Data extracted from a collection
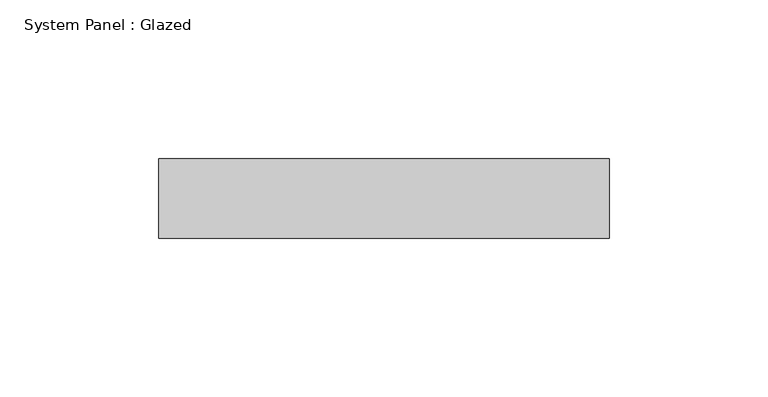
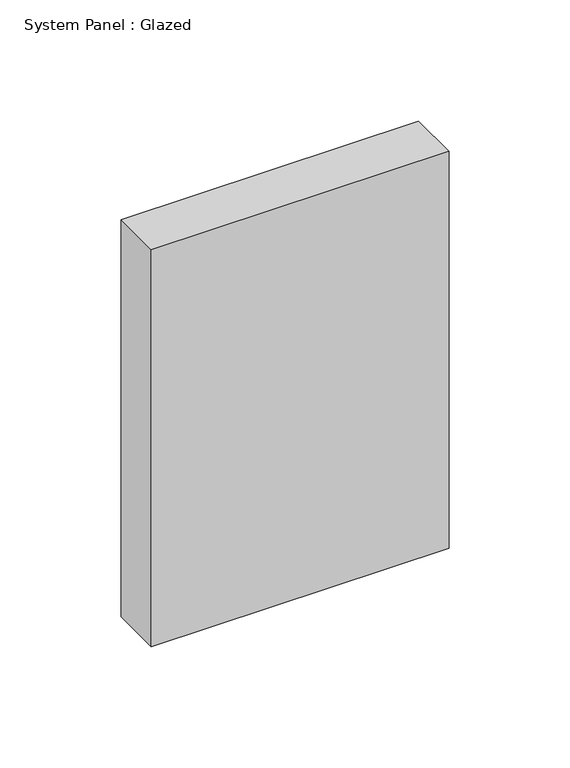
"""IFC4 building model written with IfcOpenShell, lengths in millimetres: plate geometry, System Panel : Glazed."""

import ifcopenshell
import ifcopenshell.guid

model = None  # the IFC model being written
_history = None  # IfcOwnerHistory: only IFC2X3 demands one
_inside = {}  # id of a spatial element -> (the spatial element, [elements in it])
_under = {}  # id of a project, library or spatial element -> (it, [spatial elements below it])
_declared = {}  # id of a project -> (the project, [libraries it declares])
_typed = {}  # id of a type object -> (the type object, [elements of that type])
_made_of = {}  # id of a material, layer set ... -> (it, [elements and type objects made of it])


def new_model(schema):
    """Start an empty IFC model of exactly this schema.

    Asked for "IFC4X3", IfcOpenShell would pick the latest addendum, in which some entities
    have other attributes; the version numbers below select the first issue.
    IFC2X3 requires an IfcOwnerHistory on every rooted entity: one is made here for all.
    """
    global model, _history
    if schema == "IFC4X3":
        model = ifcopenshell.file(schema_version=(4, 3, 0, 0))
    else:
        model = ifcopenshell.file(schema=schema)
    _inside.clear()
    _under.clear()
    _declared.clear()
    _typed.clear()
    _made_of.clear()
    _history = None
    if model.schema == "IFC2X3":
        org = make("IfcOrganization", Name="unknown")
        user = make(
            "IfcPersonAndOrganization",
            ThePerson=make("IfcPerson", FamilyName="unknown"),
            TheOrganization=org,
        )
        app = make(
            "IfcApplication",
            ApplicationDeveloper=org,
            Version="unknown",
            ApplicationFullName="unknown",
            ApplicationIdentifier="unknown",
        )
        _history = make(
            "IfcOwnerHistory",
            OwningUser=user,
            OwningApplication=app,
            ChangeAction="ADDED",
            CreationDate=0,
        )
    return model


def make(cls, **values):
    """One entity of the class cls with the attributes given. An attribute that is None is left unset."""
    return model.create_entity(
        cls, **{name: value for name, value in values.items() if value is not None}
    )


def rooted(cls, **values):
    """An entity with a GlobalId (a new one), such as an element, a storey or a relation."""
    return make(cls, GlobalId=ifcopenshell.guid.new(), OwnerHistory=_history, **values)


def si_unit(unit_type, name, prefix=None):
    """IfcSIUnit, for example si_unit("LENGTHUNIT", "METRE", prefix="MILLI")."""
    return make("IfcSIUnit", UnitType=unit_type, Prefix=prefix, Name=name)


def assignment(units):
    """IfcUnitAssignment: the units of a project."""
    return None if units is None else make("IfcUnitAssignment", Units=units)


def point(xyz):
    """IfcCartesianPoint."""
    return None if xyz is None else make("IfcCartesianPoint", Coordinates=xyz)


def direction(xyz):
    """IfcDirection."""
    return None if xyz is None else make("IfcDirection", DirectionRatios=xyz)


def frame(location, z_axis=None, x_axis=None):
    """IfcAxis2Placement3D, a coordinate frame: its origin and axes. An axis left out is left unset."""
    return make(
        "IfcAxis2Placement3D",
        Location=point(location),
        Axis=direction(z_axis),
        RefDirection=direction(x_axis),
    )


def origin():
    """The frame at (0, 0, 0) with its axes left unset."""
    return frame((0.0, 0.0, 0.0))


def origin_with_axes():
    """The frame at (0, 0, 0) with the z axis (0, 0, 1) and the x axis (1, 0, 0) written out."""
    return frame((0.0, 0.0, 0.0), z_axis=(0.0, 0.0, 1.0), x_axis=(1.0, 0.0, 0.0))


def place(relative_to, where):
    """IfcLocalPlacement: puts the frame where relative to a parent placement (None: the world)."""
    return make(
        "IfcLocalPlacement", PlacementRelTo=relative_to, RelativePlacement=where
    )


def context(
    kind, dimensions, precision=None, world=None, true_north=None, identifier=None
):
    """IfcGeometricRepresentationContext, for example the 3D "Model" context."""
    return make(
        "IfcGeometricRepresentationContext",
        ContextIdentifier=identifier,
        ContextType=kind,
        CoordinateSpaceDimension=dimensions,
        Precision=precision,
        WorldCoordinateSystem=world,
        TrueNorth=true_north,
    )


def project(units=None, contexts=None):
    """IfcProject with its units and contexts."""
    return rooted(
        "IfcProject",
        Name="project",
        RepresentationContexts=contexts,
        UnitsInContext=assignment(units),
    )


def spatial(cls, under=None, at=None, **own):
    """A site, building, storey or space (cls), placed at a placement, below another one or the project."""
    s = rooted(cls, ObjectPlacement=at, **own)
    if under is not None:
        _under.setdefault(under.id(), (under, []))[1].append(s)
    return s


def polyline(points):
    """IfcPolyline through the points."""
    return make("IfcPolyline", Points=[point(p) for p in points])


def outline(outer, holes=None, kind="AREA"):
    """IfcArbitraryClosedProfileDef: a profile drawn as a closed curve; with holes, ...WithVoids."""
    if holes is None:
        return make("IfcArbitraryClosedProfileDef", ProfileType=kind, OuterCurve=outer)
    return make(
        "IfcArbitraryProfileDefWithVoids",
        ProfileType=kind,
        OuterCurve=outer,
        InnerCurves=holes,
    )


def extrude(swept, where, along, depth):
    """IfcExtrudedAreaSolid: the profile swept, set in the frame where, extruded along a direction by depth."""
    return make(
        "IfcExtrudedAreaSolid",
        SweptArea=swept,
        Position=where,
        ExtrudedDirection=direction(along),
        Depth=depth,
    )


def shape(context_of_items, identifier, shape_type, items):
    """IfcShapeRepresentation: the items that make up one representation, for example the "Body"."""
    return make(
        "IfcShapeRepresentation",
        ContextOfItems=context_of_items,
        RepresentationIdentifier=identifier,
        RepresentationType=shape_type,
        Items=items,
    )


def source(mapping_origin, context_of_items, identifier, shape_type, items):
    """IfcRepresentationMap: a shape defined once, which mapped items show again and again."""
    return make(
        "IfcRepresentationMap",
        MappingOrigin=mapping_origin,
        MappedRepresentation=shape(context_of_items, identifier, shape_type, items),
    )


def transform(
    local_origin,
    x_axis=None,
    y_axis=None,
    z_axis=None,
    scale=None,
    scale2=None,
    scale3=None,
    uniform=True,
):
    """IfcCartesianTransformationOperator3D, or its non-uniform kind. x_axis, y_axis, z_axis: its Axis1, 2, 3."""
    if uniform:
        return make(
            "IfcCartesianTransformationOperator3D",
            Axis1=direction(x_axis),
            Axis2=direction(y_axis),
            LocalOrigin=point(local_origin),
            Scale=scale,
            Axis3=direction(z_axis),
        )
    return make(
        "IfcCartesianTransformationOperator3DnonUniform",
        Axis1=direction(x_axis),
        Axis2=direction(y_axis),
        LocalOrigin=point(local_origin),
        Scale=scale,
        Axis3=direction(z_axis),
        Scale2=scale2,
        Scale3=scale3,
    )


def mapped(mapping_source, mapping_target):
    """IfcMappedItem: shows the shape of a source again, moved by a transform."""
    return make(
        "IfcMappedItem", MappingSource=mapping_source, MappingTarget=mapping_target
    )


def made_of(thing, what):
    """Note that an element or type object is made of a material, layer set ...; save() writes the relation."""
    if what is not None:
        _made_of.setdefault(what.id(), (what, []))[1].append(thing)
    return thing


def element(
    cls,
    number,
    at=None,
    inside=None,
    cuts=None,
    type_object=None,
    material=None,
    context=None,
    identifier="Body",
    shape_type=None,
    held_by="IfcProductDefinitionShape",
    body=None,
    shapes=None,
    **own,
):
    """One element of the class cls, such as IfcWall. Its Tag is "e" and its number.

    at: its placement. inside: the storey or other place that contains it. cuts: it is an
    opening in that element (IfcRelVoidsElement). A single representation is given by context,
    identifier, shape_type and body (its items); several are given by shapes. held_by: the class
    of the entity that holds the representations. save() writes the other relations.
    """
    e = rooted(cls, Tag="e%d" % number, ObjectPlacement=at, **own)
    if body is not None:
        shapes = [shape(context, identifier, shape_type, body)]
    if shapes is not None:
        e.Representation = make(held_by, Representations=shapes)
    if inside is not None:
        _inside.setdefault(inside.id(), (inside, []))[1].append(e)
    if cuts is not None:
        rooted(
            "IfcRelVoidsElement", RelatingBuildingElement=cuts, RelatedOpeningElement=e
        )
    if type_object is not None:
        _typed.setdefault(type_object.id(), (type_object, []))[1].append(e)
    return made_of(e, material)


def aggregate(whole, parts):
    """IfcRelAggregates: a whole, such as a stair, and the parts it consists of."""
    return rooted("IfcRelAggregates", RelatingObject=whole, RelatedObjects=parts)


def save(model, path):
    """Write the relations noted so far, then the file.

    IfcRelAggregates (storeys below a building ...), IfcRelContainedInSpatialStructure (elements
    in a storey), IfcRelDefinesByType, IfcRelAssociatesMaterial and IfcRelDeclares: one each for
    every whole, place, type object, material and project.
    """
    for whole, parts in _under.values():
        aggregate(whole, parts)
    for where, things in _inside.values():
        rooted(
            "IfcRelContainedInSpatialStructure",
            RelatedElements=things,
            RelatingStructure=where,
        )
    for kind, things in _typed.values():
        rooted("IfcRelDefinesByType", RelatedObjects=things, RelatingType=kind)
    for what, things in _made_of.values():
        rooted("IfcRelAssociatesMaterial", RelatedObjects=things, RelatingMaterial=what)
    for by, libraries in _declared.values():
        rooted("IfcRelDeclares", RelatingContext=by, RelatedDefinitions=libraries)
    model.write(path)


def system_panel_glazed_de50ea70(model_context):
    return source(origin(), model_context, "Body", "SweptSolid", [
        extrude(outline(polyline([(70.9525426, 24.5), (-70.9525426, 24.5), (-70.9525426, 49.5), (70.9525426, 49.5), (70.9525426, 24.5)])), origin_with_axes(), (0.0, 0.0, 1.0), 200.0),
    ])


if __name__ == "__main__":
    model = new_model("IFC4")
    model_context = context("Model", 3, world=origin())
    ifc_project = project(units=[si_unit("LENGTHUNIT", "METRE", prefix="MILLI")], contexts=[model_context])
    site = spatial("IfcSite", under=ifc_project)
    building = spatial("IfcBuilding", under=site)
    placement = place(None, origin())
    system_panel_glazed_shape = system_panel_glazed_de50ea70(model_context)
    element("IfcPlate", 1, ObjectType="System Panel : Glazed", at=placement, inside=building, context=model_context, shape_type="MappedRepresentation", body=[
        mapped(system_panel_glazed_shape, transform((0.0, 0.0, 0.0), x_axis=(1.0, 0.0, 0.0), y_axis=(0.0, 1.0, 0.0), z_axis=(0.0, 0.0, 1.0))),
    ])
    save(model, "model.ifc")

# Revit data of these elements
# Element 1 (IfcPlate, "System Panel : Glazed")
#   Materials on its faces: "Glass"
# Materials
#   "Glass": class "Glass", colour RGB 218 227 224, transparency 0.85, Description = "Soda Lime Glass", Cost = 0

■ Task objective ■
Could you find each line in the entries that contains the string "IfcExtrudedAreaSolid" and copy it?

■ Written solution ■
    """IfcExtrudedAreaSolid: the profile swept, set in the frame where, extruded along a direction by depth."""
        "IfcExtrudedAreaSolid",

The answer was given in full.